REQUIRED ACTION:
Below is a set of records. Repeat them verbatim without the pictures.

[SOURCE MATERIAL]

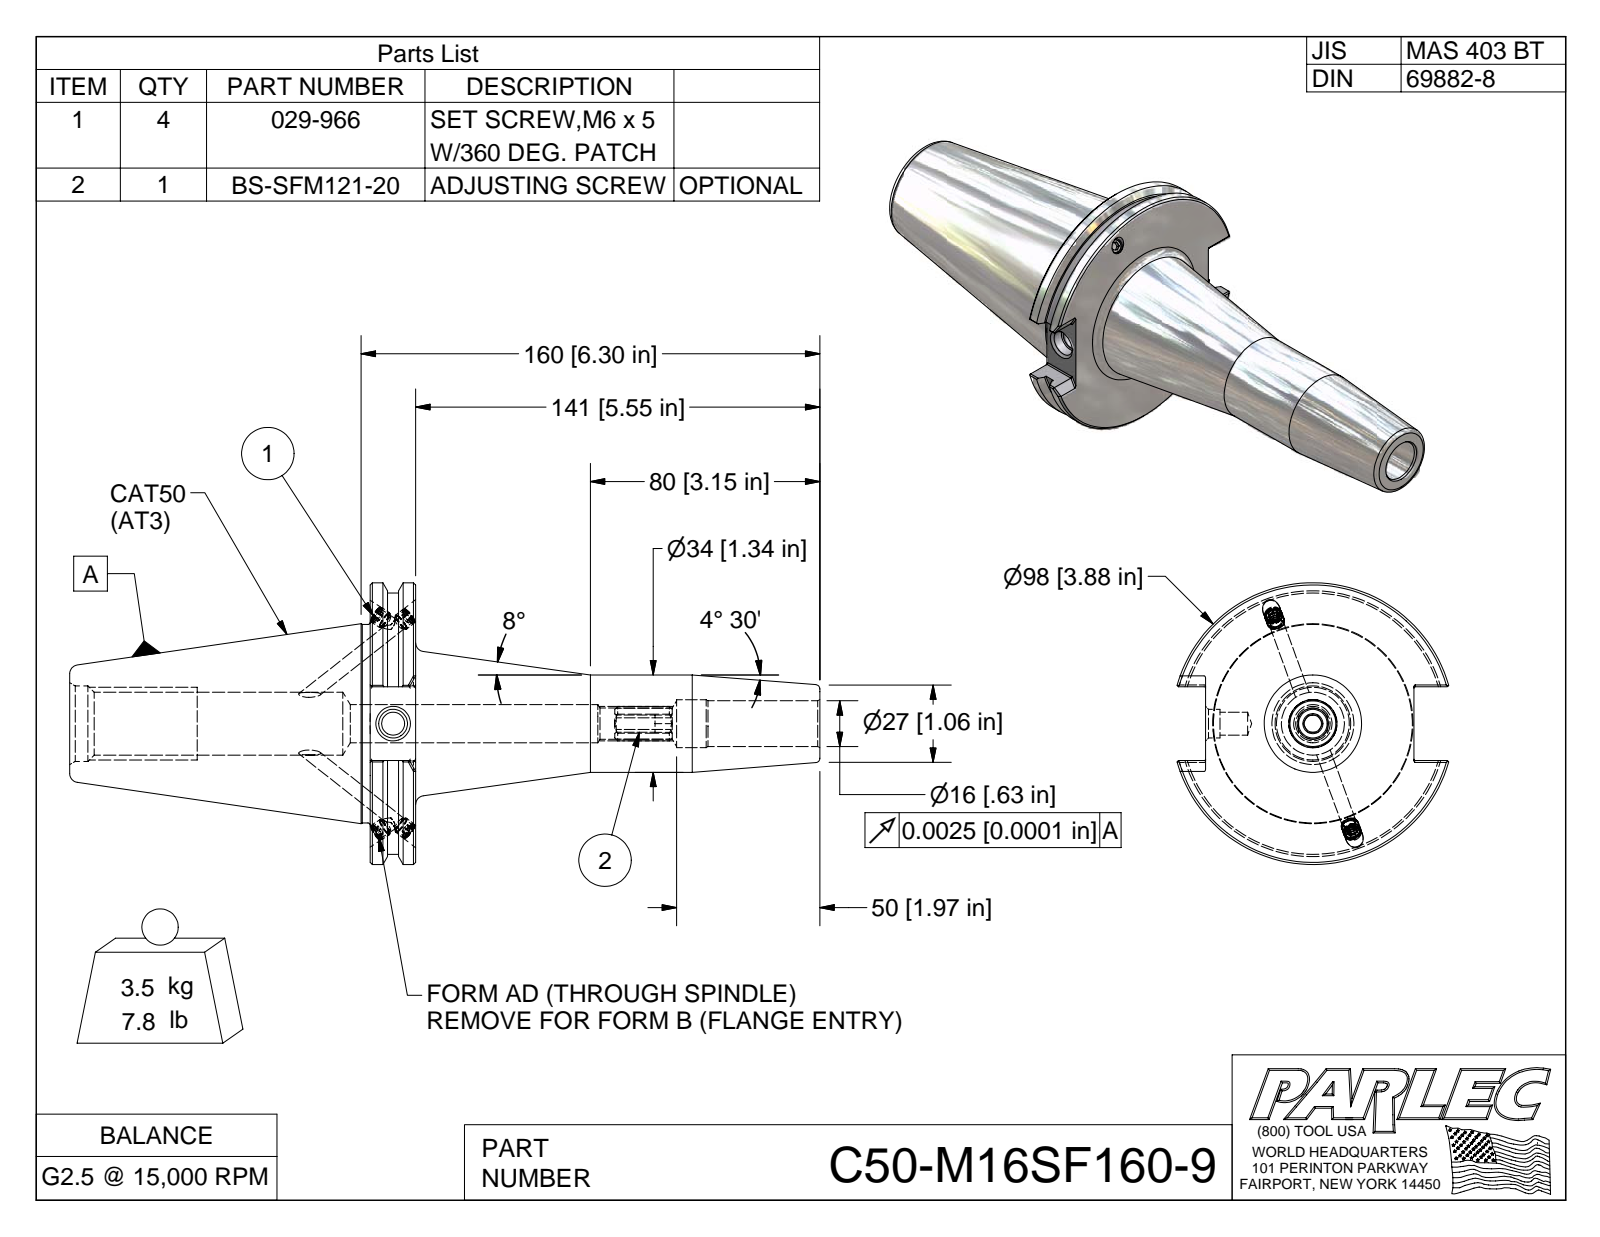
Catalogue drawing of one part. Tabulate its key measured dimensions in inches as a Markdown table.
| quantity | value |
| --- | --- |
| part name | C50-M16SF160-9; C50BC-M16SF160-9-1; BS-SFM121-20; 029-966 |
| STEP written by | Autodesk Inventor 2009 (AUTOMOTIVE_DESIGN) |
| units | inches |
| bodies | 6 solids, 187 faces (87 planar, 44 cylindrical, 56 other) |
| overall size | 10.299 × 3.875 × 3.729 |
| volume | 27.7 in³ |
| surface area | 105.3 in² |
| round holes (diameter × count) | 0.197 × 4, 0.24 × 4, 0.629 × 1, 0.659 × 1 |
| round bosses / shafts (diameter × count) | 0.244 × 4, 0.236 × 4, 3.875 × 1, 3.594 × 1, 2.73 × 1, 1.339 × 1 |
| partial cylindrical surfaces (radius × count) | 0.02 × 12, 0.236 × 1 |
| main face-to-face distances | 0.625, 4.125, 4.75, 2.86, 1.015, 10.299, 6.174, 5.549, 0.236, 0.389 |
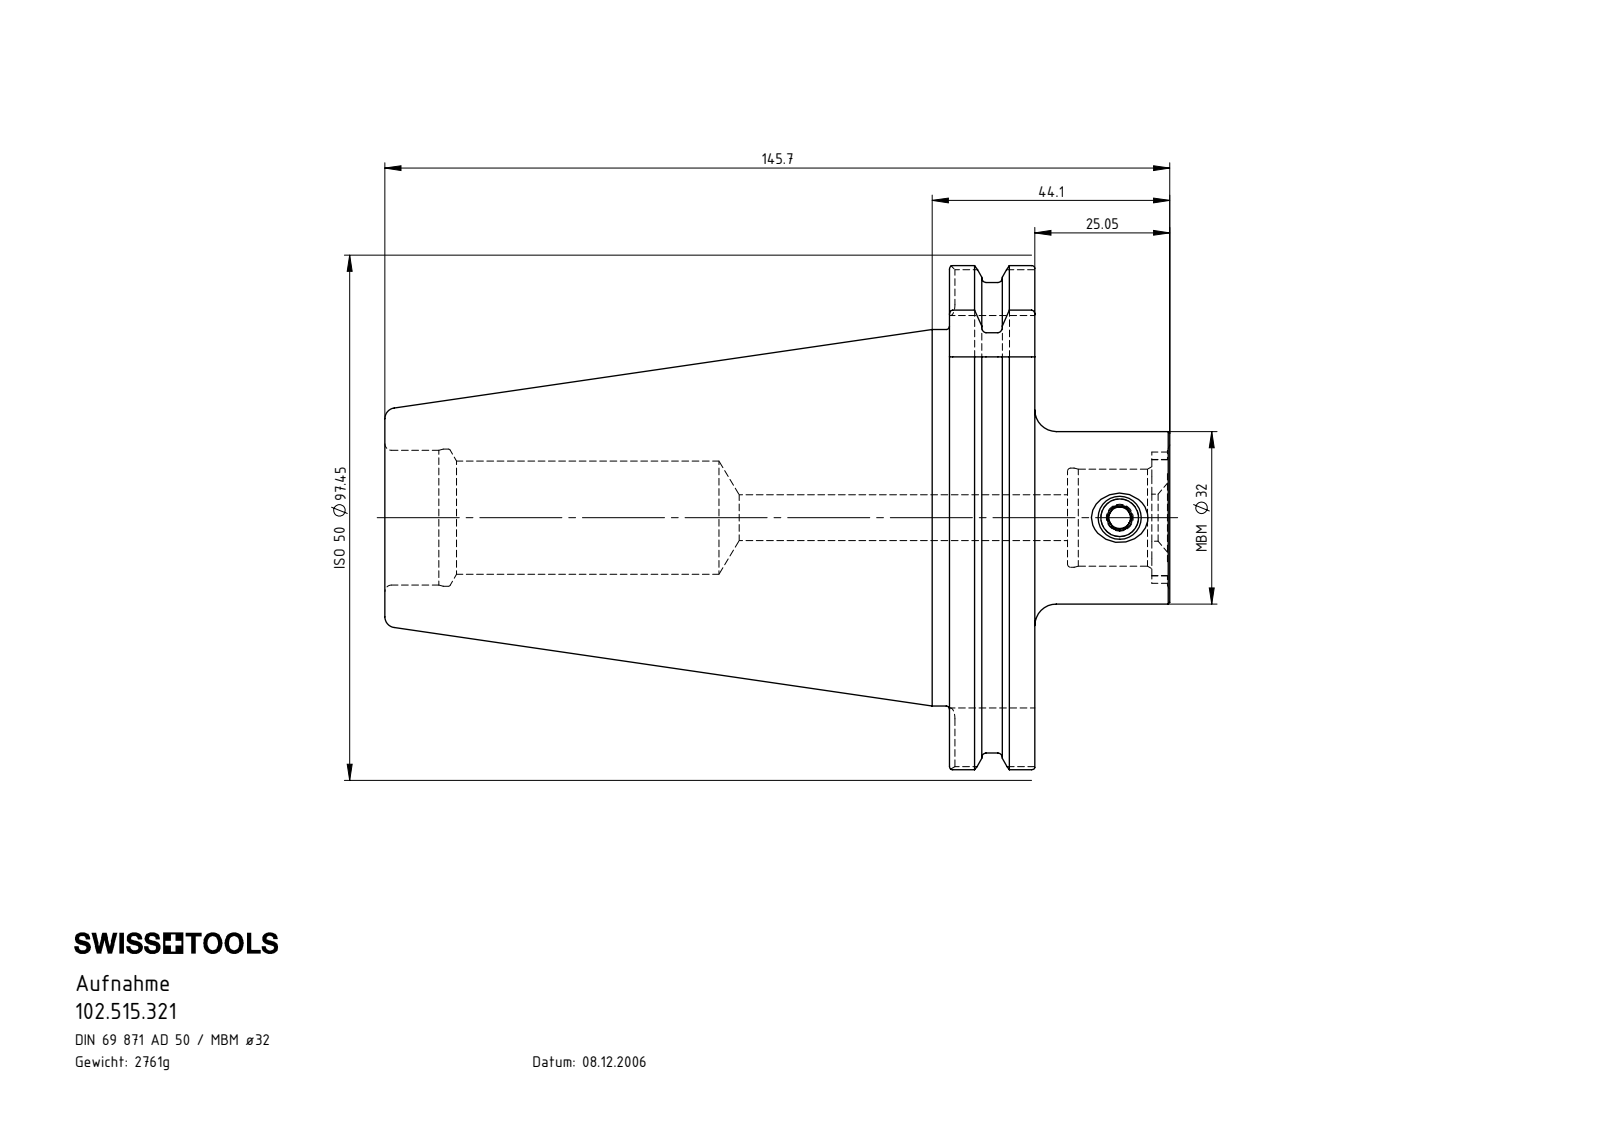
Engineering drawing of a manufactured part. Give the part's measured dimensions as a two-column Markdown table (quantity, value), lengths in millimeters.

[/SOURCE MATERIAL]

RESPONSE TO THE TASK:
Catalogue drawing of one part. Tabulate its key measured dimensions in inches as a Markdown table.
| quantity | value |
| --- | --- |
| part name | C50-M16SF160-9; C50BC-M16SF160-9-1; BS-SFM121-20; 029-966 |
| STEP written by | Autodesk Inventor 2009 (AUTOMOTIVE_DESIGN) |
| units | inches |
| bodies | 6 solids, 187 faces (87 planar, 44 cylindrical, 56 other) |
| overall size | 10.299 × 3.875 × 3.729 |
| volume | 27.7 in³ |
| surface area | 105.3 in² |
| round holes (diameter × count) | 0.197 × 4, 0.24 × 4, 0.629 × 1, 0.659 × 1 |
| round bosses / shafts (diameter × count) | 0.244 × 4, 0.236 × 4, 3.875 × 1, 3.594 × 1, 2.73 × 1, 1.339 × 1 |
| partial cylindrical surfaces (radius × count) | 0.02 × 12, 0.236 × 1 |
| main face-to-face distances | 0.625, 4.125, 4.75, 2.86, 1.015, 10.299, 6.174, 5.549, 0.236, 0.389 |
Engineering drawing of a manufactured part. Give the part's measured dimensions as a two-column Markdown table (quantity, value), lengths in millimeters.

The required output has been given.